# Emersed Cryptocoryne and Lagenandra set up



## HoustonFishFanatic (Apr 13, 2007)

Pictures of some of the spathes I have had over the last year.
C. pontederifolia spathe



Cryptocoryne usteriana 'Red' spathe





Cryptocoryne usteriana



Cryptocoryne wendtii var.'Florida Sunset'


----------



## Gatekeeper (Feb 20, 2007)

How about some specs on the setups? Soils used? temperature? Humidity control? Fertilization technique?


----------



## demosthenes (Aug 23, 2008)

wow, very cool! can we see some pictures of your lagenandras? I've heard of them through various sources, but i've never actually seen one.


----------



## CL (Mar 13, 2008)

What a list! These emersed crypt set ups are really popping up everywhere


----------



## legomaniac89 (Mar 16, 2008)

Very nice! That's a heck of a list! I'm working my way up to a collection that size


----------



## Coltonorr (Mar 12, 2008)

legomaniac89 said:


> Very nice! That's a heck of a list! I'm working my way up to a collection that size


Yup X2


----------



## HoustonFishFanatic (Apr 13, 2007)

gmccreedy said:


> How about some specs on the setups? Soils used? temperature? Humidity control? Fertilization technique?


Freshwater set-up:
55G with 65W PC Coralife and 30" T5NO Coralife strip.
I have mostly used Aquasoil ( new and used one from old tanks) with laterite, sand , dolomite , peat etc in various quantities depending on the type of crypt.
I have never measured the temperature but the room temperature is generally between 74-78 F. No humidity control other than the glass covers over the tank. I mist it once a day. Fertilization generally done when plants show any deficiency. I use Miracle Grow plant food sticks.

Blackwater set-up:
10G with a regular 15W florescent lamp.
Substrate is Amazonia , laterite and peat. I use RO water. 


demosthenes said:


> wow, very cool! can we see some pictures of your lagenandras? I've heard of them through various sources, but i've never actually seen one.

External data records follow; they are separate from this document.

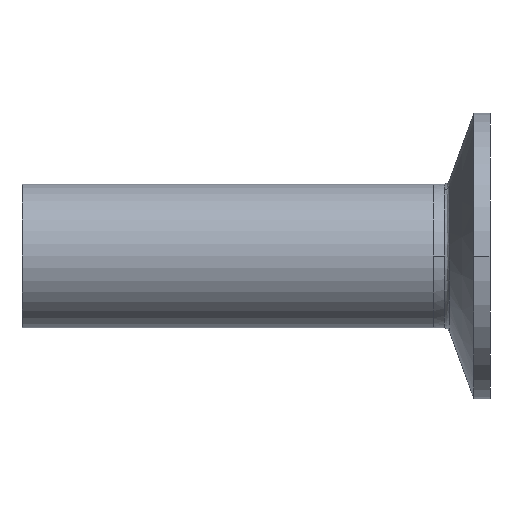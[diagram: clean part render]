
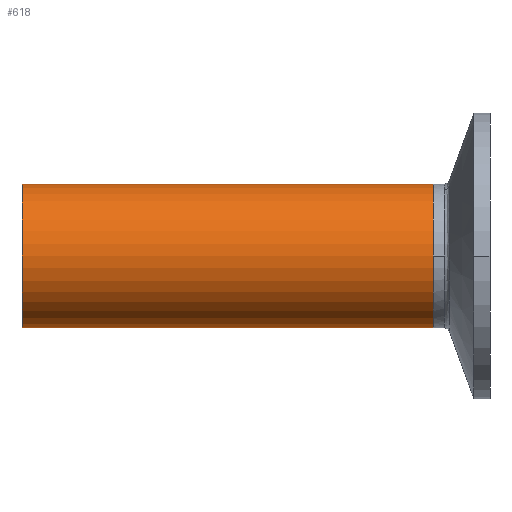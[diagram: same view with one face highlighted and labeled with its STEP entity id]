
A CAD part, front view. The second image highlights one B-rep face of the part: STEP entity #618.
In plain terms, the highlighted cylindrical face has radius 12.7 mm (diameter 25.4 mm), a partial arc.
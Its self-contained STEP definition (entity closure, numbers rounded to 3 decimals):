
#94 = DIRECTION ( 'NONE',  ( 0., 0., 1. ) ) ;
#153 = DIRECTION ( 'NONE',  ( -1., 0., 0. ) ) ;
#237 = EDGE_CURVE ( 'NONE', #594, #1522, #531, .T. ) ;
#244 = LINE ( 'NONE', #382, #937 ) ;
#249 = CARTESIAN_POINT ( 'NONE',  ( 54.521, 0., 0. ) ) ;
#270 = ORIENTED_EDGE ( 'NONE', *, *, #824, .T. ) ;
#285 = CARTESIAN_POINT ( 'NONE',  ( 54.521, 0., -12.7 ) ) ;
#312 = CARTESIAN_POINT ( 'NONE',  ( -54., 0., -12.7 ) ) ;
#346 = DIRECTION ( 'NONE',  ( 1., 0., 0. ) ) ;
#376 = CIRCLE ( 'NONE', #1043, 12.7 ) ;
#382 = CARTESIAN_POINT ( 'NONE',  ( 54.521, 0., 12.7 ) ) ;
#385 = CARTESIAN_POINT ( 'NONE',  ( 18.6, 0., 12.7 ) ) ;
#415 = VERTEX_POINT ( 'NONE', #312 ) ;
#489 = DIRECTION ( 'NONE',  ( -1., 0., 0. ) ) ;
#531 = LINE ( 'NONE', #557, #1532 ) ;
#557 = CARTESIAN_POINT ( 'NONE',  ( 54.521, 0., 12.7 ) ) ;
#594 = VERTEX_POINT ( 'NONE', #1085 ) ;
#610 = VERTEX_POINT ( 'NONE', #385 ) ;
#618 = ADVANCED_FACE ( 'NONE', ( #1651 ), #1341, .T. ) ;
#629 = VECTOR ( 'NONE', #153, 1000. ) ;
#648 = LINE ( 'NONE', #285, #1692 ) ;
#701 = VERTEX_POINT ( 'NONE', #926 ) ;
#702 = ORIENTED_EDGE ( 'NONE', *, *, #1010, .T. ) ;
#751 = ORIENTED_EDGE ( 'NONE', *, *, #1350, .T. ) ;
#773 = CIRCLE ( 'NONE', #1641, 12.7 ) ;
#785 = CARTESIAN_POINT ( 'NONE',  ( -54., 0., 0. ) ) ;
#824 = EDGE_CURVE ( 'NONE', #991, #610, #376, .T. ) ;
#842 = DIRECTION ( 'NONE',  ( -1., 0., 0. ) ) ;
#923 = EDGE_CURVE ( 'NONE', #701, #415, #648, .T. ) ;
#926 = CARTESIAN_POINT ( 'NONE',  ( 0., 0., -12.7 ) ) ;
#937 = VECTOR ( 'NONE', #1694, 1000. ) ;
#991 = VERTEX_POINT ( 'NONE', #1722 ) ;
#996 = LINE ( 'NONE', #1116, #629 ) ;
#1010 = EDGE_CURVE ( 'NONE', #610, #594, #244, .T. ) ;
#1030 = EDGE_LOOP ( 'NONE', ( #1557, #270, #702, #1736, #751, #1460 ) ) ;
#1043 = AXIS2_PLACEMENT_3D ( 'NONE', #1385, #1378, #1259 ) ;
#1085 = CARTESIAN_POINT ( 'NONE',  ( 0., 0., 12.7 ) ) ;
#1116 = CARTESIAN_POINT ( 'NONE',  ( 54.521, 0., -12.7 ) ) ;
#1208 = DIRECTION ( 'NONE',  ( -1., 0., 0. ) ) ;
#1259 = DIRECTION ( 'NONE',  ( 0., 0., 1. ) ) ;
#1267 = CARTESIAN_POINT ( 'NONE',  ( -54., 0., 12.7 ) ) ;
#1341 = CYLINDRICAL_SURFACE ( 'NONE', #1634, 12.7 ) ;
#1346 = DIRECTION ( 'NONE',  ( 0., 0., 1. ) ) ;
#1350 = EDGE_CURVE ( 'NONE', #1522, #415, #773, .T. ) ;
#1378 = DIRECTION ( 'NONE',  ( -1., 0., 0. ) ) ;
#1385 = CARTESIAN_POINT ( 'NONE',  ( 18.6, 0., 0. ) ) ;
#1460 = ORIENTED_EDGE ( 'NONE', *, *, #923, .F. ) ;
#1522 = VERTEX_POINT ( 'NONE', #1267 ) ;
#1531 = EDGE_CURVE ( 'NONE', #991, #701, #996, .T. ) ;
#1532 = VECTOR ( 'NONE', #489, 1000. ) ;
#1557 = ORIENTED_EDGE ( 'NONE', *, *, #1531, .F. ) ;
#1634 = AXIS2_PLACEMENT_3D ( 'NONE', #249, #1208, #1346 ) ;
#1641 = AXIS2_PLACEMENT_3D ( 'NONE', #785, #346, #94 ) ;
#1651 = FACE_OUTER_BOUND ( 'NONE', #1030, .T. ) ;
#1692 = VECTOR ( 'NONE', #842, 1000. ) ;
#1694 = DIRECTION ( 'NONE',  ( -1., 0., 0. ) ) ;
#1722 = CARTESIAN_POINT ( 'NONE',  ( 18.6, 0., -12.7 ) ) ;
#1736 = ORIENTED_EDGE ( 'NONE', *, *, #237, .T. ) ;

Thanks. Both the Lagenandras have become huge. They were one of the reasons I moved to a 55G . Right now the L. thwaitesii is outgrowing the 55G. I will have some pictures tomorrow.


CL said:


> What a list! These emersed crypt set ups are really popping up everywhere





legomaniac89 said:


> Very nice! That's a heck of a list! I'm working my way up to a collection that size





Coltonorr said:


> Yup X2


Thanks. There are quiet a few people here who have better collections than this. 

Bhushan


----------



## hydrophyte (Mar 1, 2009)

Wow man you have an amazing collection. I love your new spathe pictures.

Can you suggest any sources for _Lagenandra_?

I saw that you had that _C. cordata_ var. _cordata_ in Swap and Shop. I wondered what the foliage of that one is like(?). Is is visible in that tank picture?


----------



## HoustonFishFanatic (Apr 13, 2007)

hydrophyte said:


> Wow man you have an amazing collection. I love your new spathe pictures.
> 
> Can you suggest any sources for _Lagenandra_?
> 
> I saw that you had that _C. cordata_ var. _cordata_ in Swap and Shop. I wondered what the foliage of that one is like(?). Is is visible in that tank picture?


Thanks. Right now I do not know any particular source other than hobbyist here and over at APC. I am mostly going to have a plant of L. thwaitesii up for sale soon when I re-pot my L. thwaitesii. 
I will have a picture of C cordata var cordata up tomorrow. It is on the extreme right corner of the 20G picture. It has dark olive green leaves and is dark red below.


----------



## hydrophyte (Mar 1, 2009)

Can I call dibs on the _L. thwaitesii_? 

Just kidding do sell however you like. I will try to keep an eye out for it though.


----------



## HoustonFishFanatic (Apr 13, 2007)

hydrophyte said:


> Can I call dibs on the _L. thwaitesii_?
> 
> Just kidding do sell however you like. I will try to keep an eye out for it though.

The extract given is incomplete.